About more than one last rce.
So he knew Sunday was probably going to be the same. Still, he arrived with gifts for his fellow drivers, each one receiving an expensive, Italian-made ring box as a memento. That's Gordon, looking to thank them.
Instead it was everyone else thanking him – in part for representing the sport so well, in mentoring so many for so long, in racing the right way and, of course, in causing sponsorship dollars and prize money to spike exponentially.
It wasn't just the handshakes and hugs, though. He may have expected that. It was the tweets about him. It was the testimonials in feature articles that his mom told him about. It was Kevin Harvick, the defending champ and one of the other three drivers with a shot at the championship, posing pre-race with Gordon's car. It was Danica Patrick wearing a Gordon hat. It was others wearing his T-shirt.
"That's just unheard of," Gordon marveled. "You know, drivers are so competitive. They don't show – they might have it inside them, but to show it publicly?"
Gordon knew some moments were coming. He knew that final pre-race walk down pit road, hand-in-hand with daughter Ella, the crowd roaring across the way, was going to be something else. He knew that final national anthem, with wife Ingrid and son Leo at his side, too, was going to pull at his heart. He knew a hug from his car owner, Rick Hendrick, was going to push him to the limits.
"I'm an emotional guy," Gordon said.
He suspected there would be surprises and there were. Familiar faces he didn't expect, old co-workers racing over for a moment, just regular fans. Lewis Hamilton, the current Formula One great, arrived for his first NASCAR race ever, even peering into Gordon's ride and checking out the set-up, because that's how much Gordon meant to racing in general.
Mario Andretti came and gave him a pep talk – "Go do what you know how to do, you've got this, man," Gordon relayed. Suddenly Gordon was back to being an awe-struck kid.
Mario Andretti?
"The greatest driver of all time," Gordon marveled.
He tried to follow Andretti's advice, giving it his all in a heated race. He led for a few laps early, but he didn't have the car to finish it out, not enough control, not enough speed. "Nothing terrible," he said at one point over his radio, "I'm just really struggling."

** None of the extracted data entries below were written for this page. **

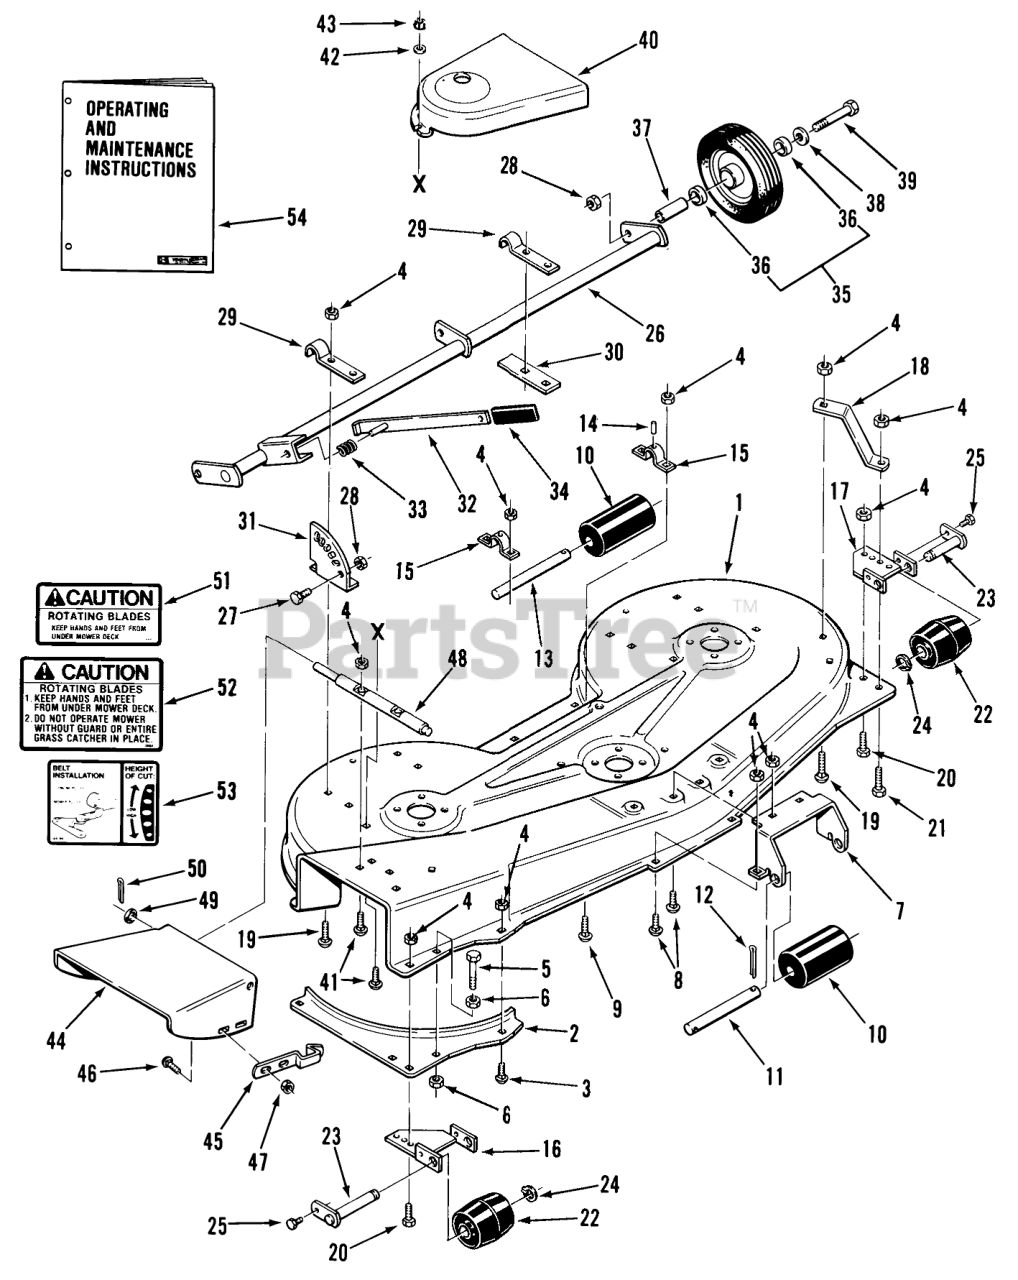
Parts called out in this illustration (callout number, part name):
3	CARRIAGE BOLT -4
8	CARRIAGE BOLT -4
10	ROLLER
14	SPIROL PIN
16	ASSY ROLLER BRKT *R
25	Bolt
33	SPRING-COMPRESSION
37	SPACER
40	COVER BELT RH
42	WASHER 5/16 SAE
44	CHUTE EXTENSION
54	Operating Maintenance Instructions
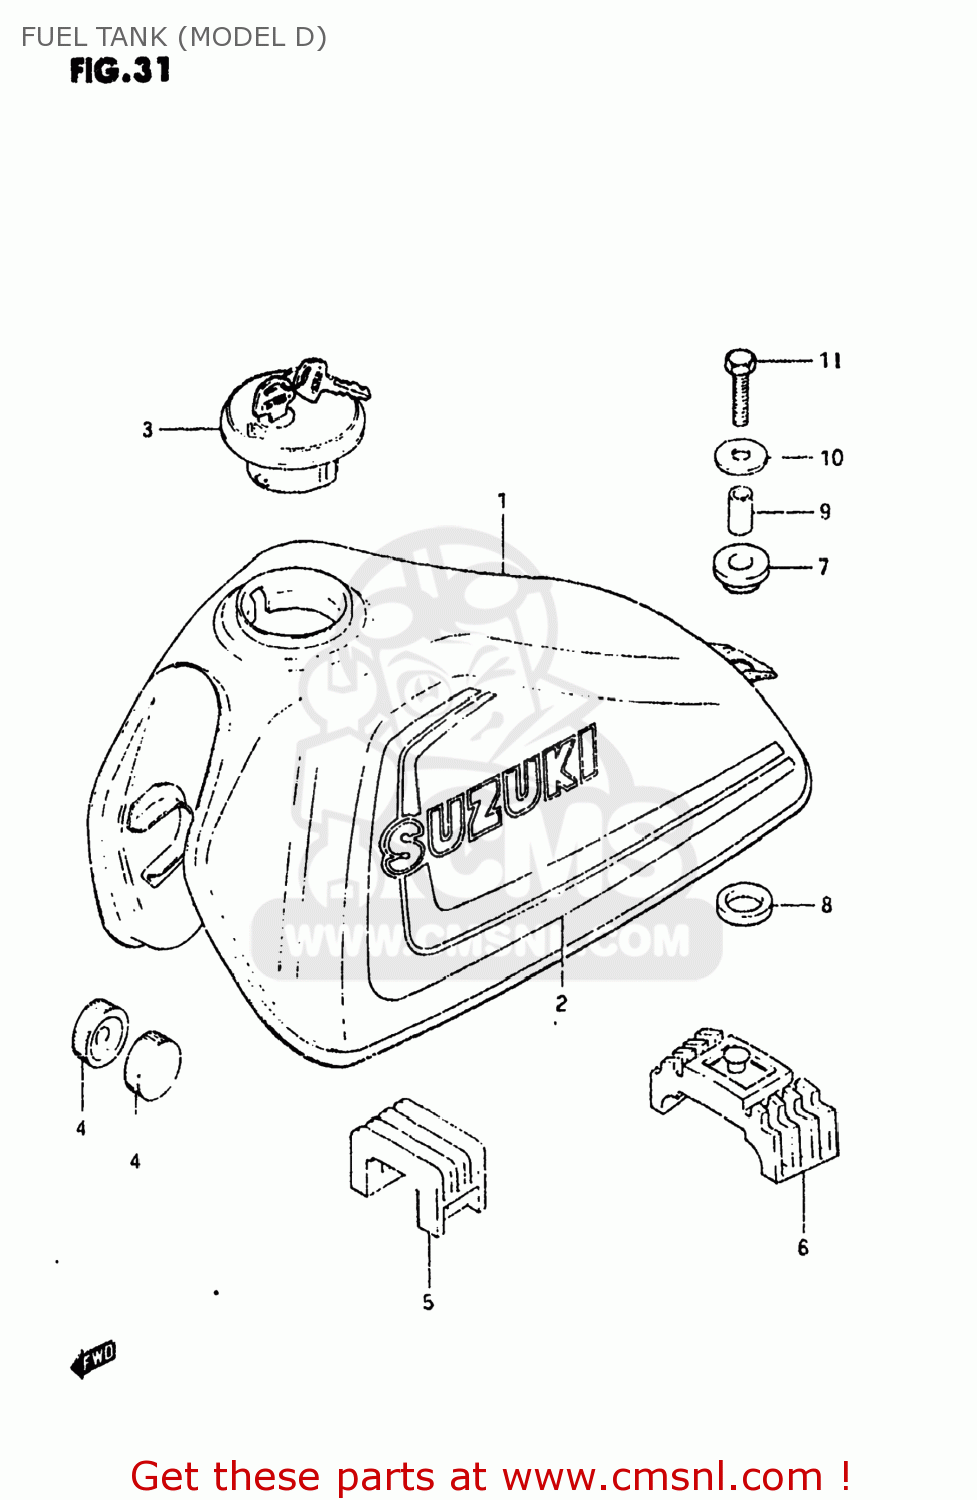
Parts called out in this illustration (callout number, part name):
1	TANK ASSEMBLY,FUEL
3	CAP SET,FUEL TANK
4	CUSHION
5	CUSHION,TANK UPR FR
6	CUSHION,FUEL TANK,REAR
7	CUSHION
8	CUSHION
9	SPACER(8.5X12X19)
10	WASHER (8.5X29X1.6)
11	BOLT (8X30)
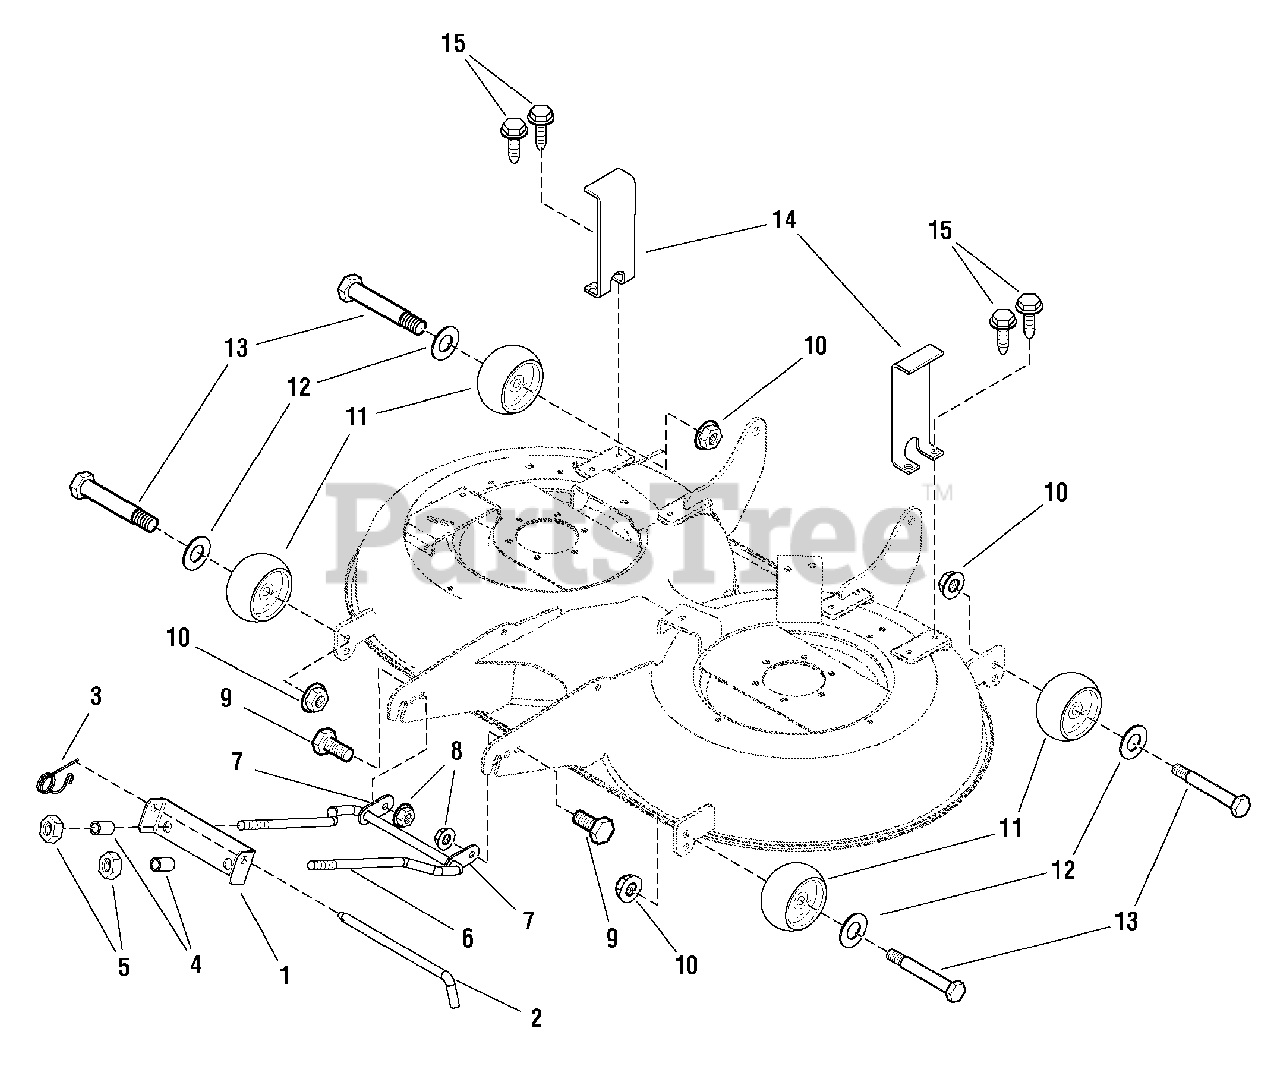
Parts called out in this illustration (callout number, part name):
1	HANGER, Front
2	PIN, Hitch
3	RETAINER, Pin Spring
4	SPACER
5	NUT, Hex Lock ESNA Light, 1/2-13 ,Thin
6	ROD, Bail
7	PLATE, Pivot Lock
8	NUT, Hex Flange 5/16-18, Whiz Lock
9	SCREW, Hex Flange 5/16-18 x 3/4
10	NUT, Hex Flange ESNA 3/8-16
11	WHEEL
12	WASHER, Flat 3/8
13	BOLT, Wheel 3/8-16 x 2.781
14	UPSTOP
15	SCREW, Taptite 5/16-18 x 3/4
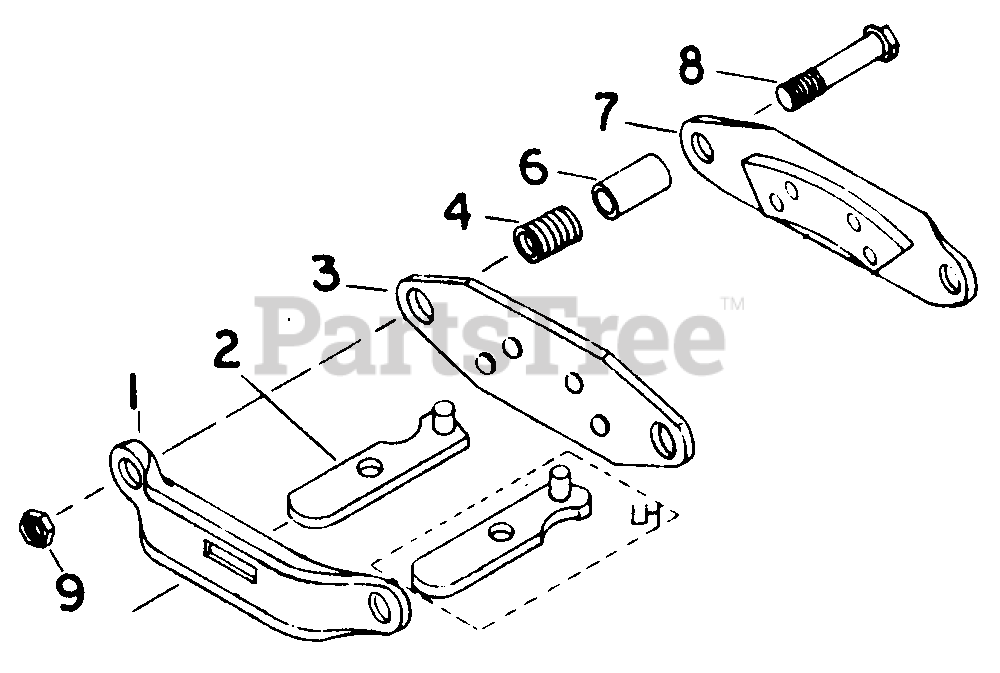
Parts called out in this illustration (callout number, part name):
1	Bracket, Cam
3	Plate, Flat Pad Holder
4	Spring, Compression
6	Bushing
7	Plate, Ribbed Pad Holder
8	Bolt, 3/8-NF X 2-1/4 Type 5
9	Nut, 3/8-NF P/T Lock Type 5
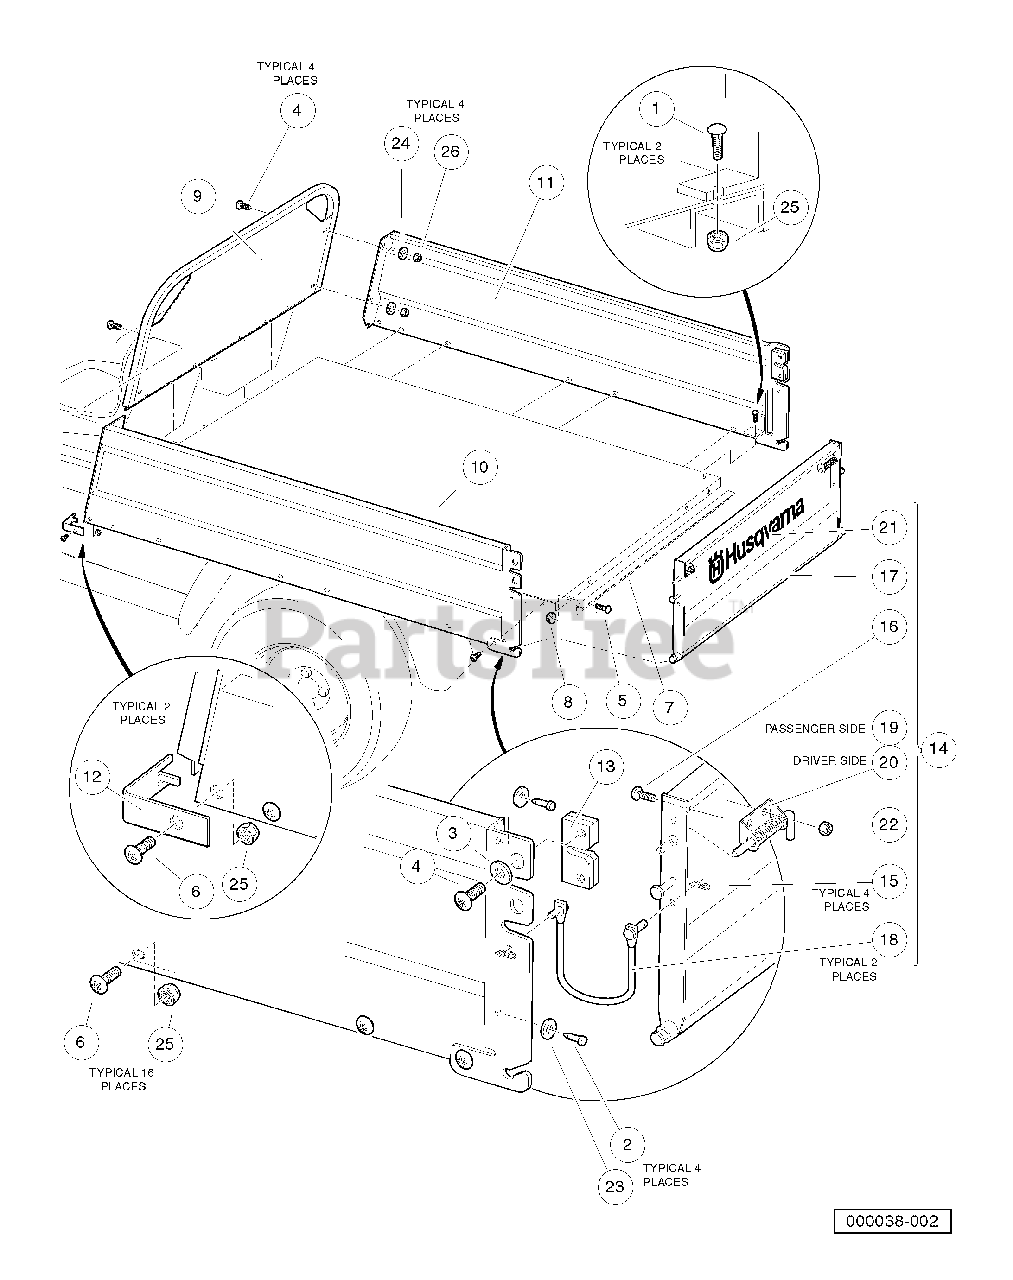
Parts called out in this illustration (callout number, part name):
1	Bolt, Carriage, 5/16-18 X 1.00
2	Bumper, Rubber
3	Washer, 1/4" Type B Flat
4	Screw, 1/4-20 X 0.75 Torx Truss-Head
5	Stud, Self-Clinching Flush Head
6	Screw, 5/16-18 X 0.88 Torx Truss-Head
7	Box Bed Tailgate Angle
8	Locknut, 5/16-18 Hex Flange
9	Front Panel Weldment
10	Left Panel Weldment
11	Right Panel Weldment
12	Front Corner Cap
13	Slam Latch
14	Assembly, Tailgate
15	Hair Pin Clip
16	Screw, 1/4-20 X 0.75 Torx Truss-Head
17	Tailgate, Weldment
18	Tether Assembly
19	Spring Latch Left
20	Spring Latch Right
21	Decal, Husqvarna, Tailgate
22	Locknut, 1/4-20 Nylon Insert
23	Washer, Rubber, 3/8
24	Washer, 1/4 Type A Narrow Flat
25	Locknut, 5/16-18 Nylon Insert
26	Locknut, 1/4-20 Nylon Insert
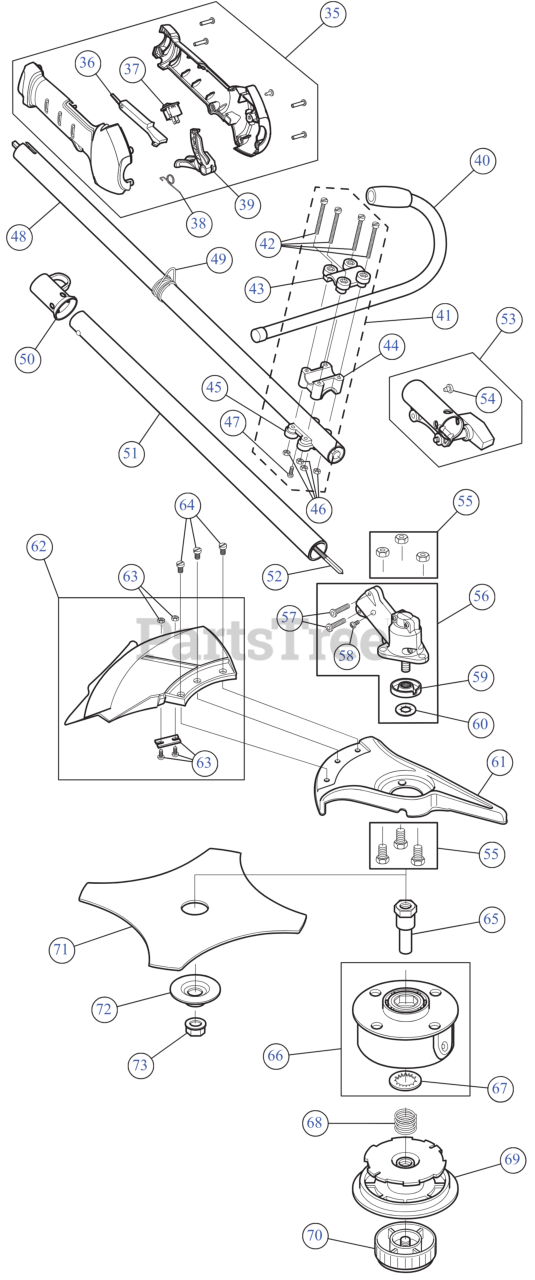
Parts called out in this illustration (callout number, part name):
35	THROTTLE GRIP ASSEMBLY
36	LEVER LOCK OUT
37	SW, MOMENTARY ON/O
38	SPRING TRIG
39	THROTTLE TRIGGER
40	HANDLE ASSEMBLY-JAY
41	HANDLE BRACKET ASSEMBLY
42	CLAMP SCREW
43	HANDLE UPPER CLAMP
44	HANDLE MIDDLE CLAMP
45	HANDLE LOWER CLAMP
46	NUT-CLAMP
47	SCREW, 8-32 x .312 P
48	BOOM ASSEMBLY UPR
49	CLAMP-SHOULDER STR
50	HANGER
51	ASSEMBLY, LOWER DRIVE S
52	LOWER DRIVE SHAFT
53	COUPLER ASSEMBLY
54	SCREW, 10-32X.250 TA
55	SCREW SET-GUARD MT
56	GEARBOX ASSEMBLY
57	SCREW #
58	SCREW, 8-32 x .312 P
59	SPACER-GEARBOX
60	PALNUT:3/8" DIAM
61	SHIELD-BLADE CAST
62	SHIELD ASSEMBLY WITH BLADE
63	BLADE ASSEMBLY
64	SCREW-GUARD MTG PK
65	SHAFT-SPOOL
66	SPOOL ASSEMBLY-OUTER
67	RETAINER .968 OD
68	SPRING-SPOOL
69	REEL-INNER SPOOL 3000 STRG TRM
70	KNOB ASSEMBLY-BUMP 3000 STRG TRM
71	BLADE 4-TOOTH
72	WASHER-BLADE CLAMP BRUSH CUT
73	BLADE LOCK NUT
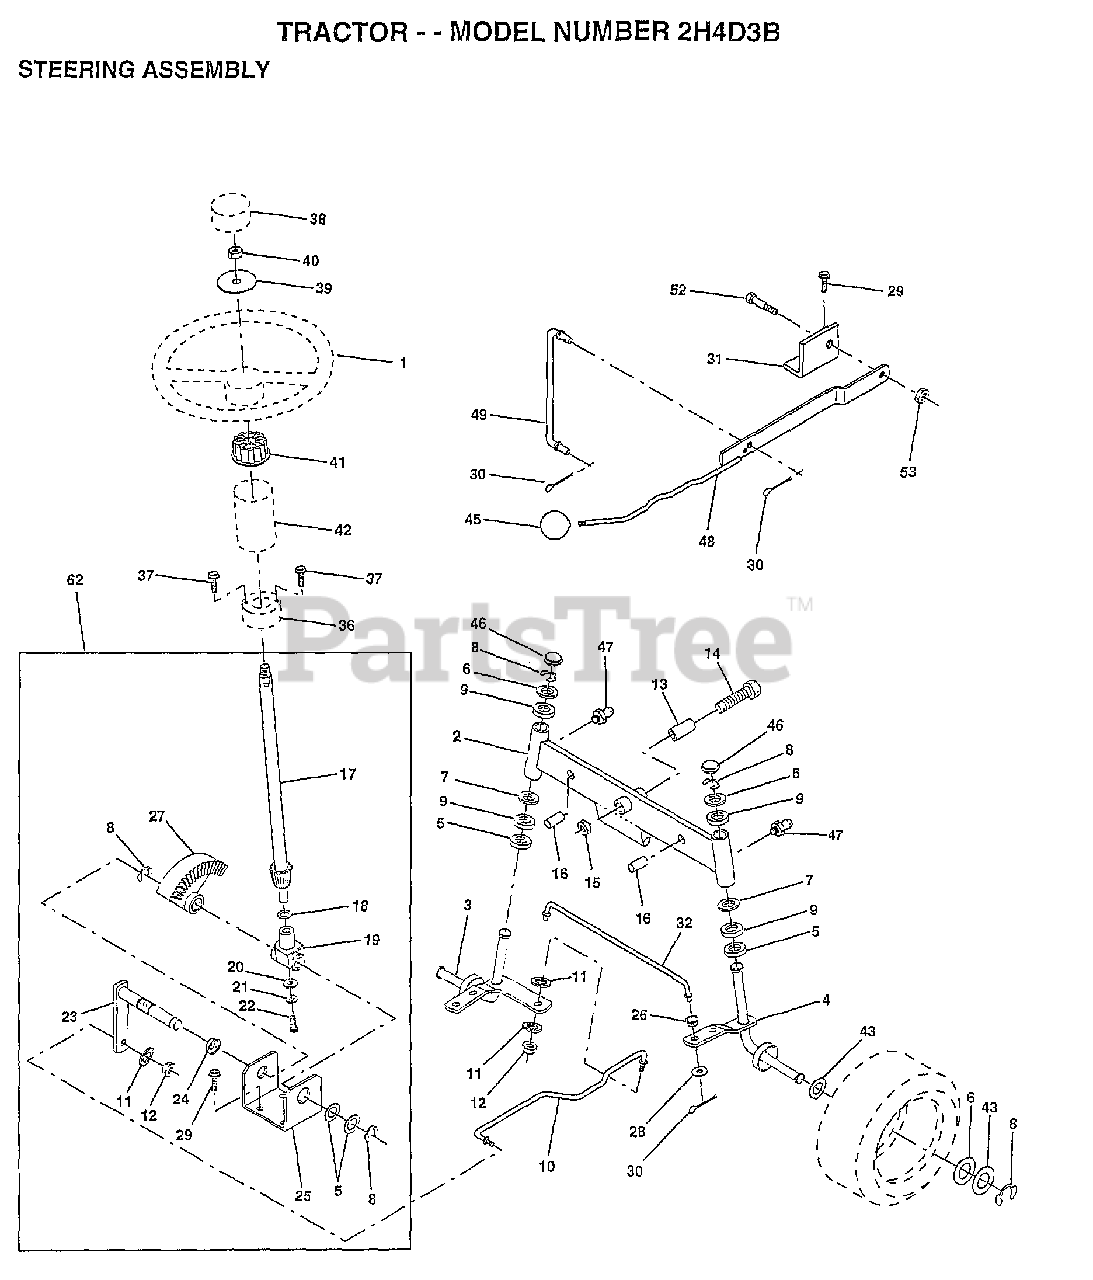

He was mostly stuck in 10th. He finished sixth, no threat to Kyle Busch, who was the better driver in the better car on this day. Gordon was disappointed with the loss but he knew this day was about more than one last race, one more championship.
"It blows my mind," he said. "It didn't take the championship for me to come out of here feeling like I'm on top of the world. The competitor in me still is cutting into that slightly right now. … Give me an hour and a little bit of alcohol, there's going to be so much love in the air."
What's Jeff Gordon drink at a time like this?
"Tonight?" he joked. "A lot of things."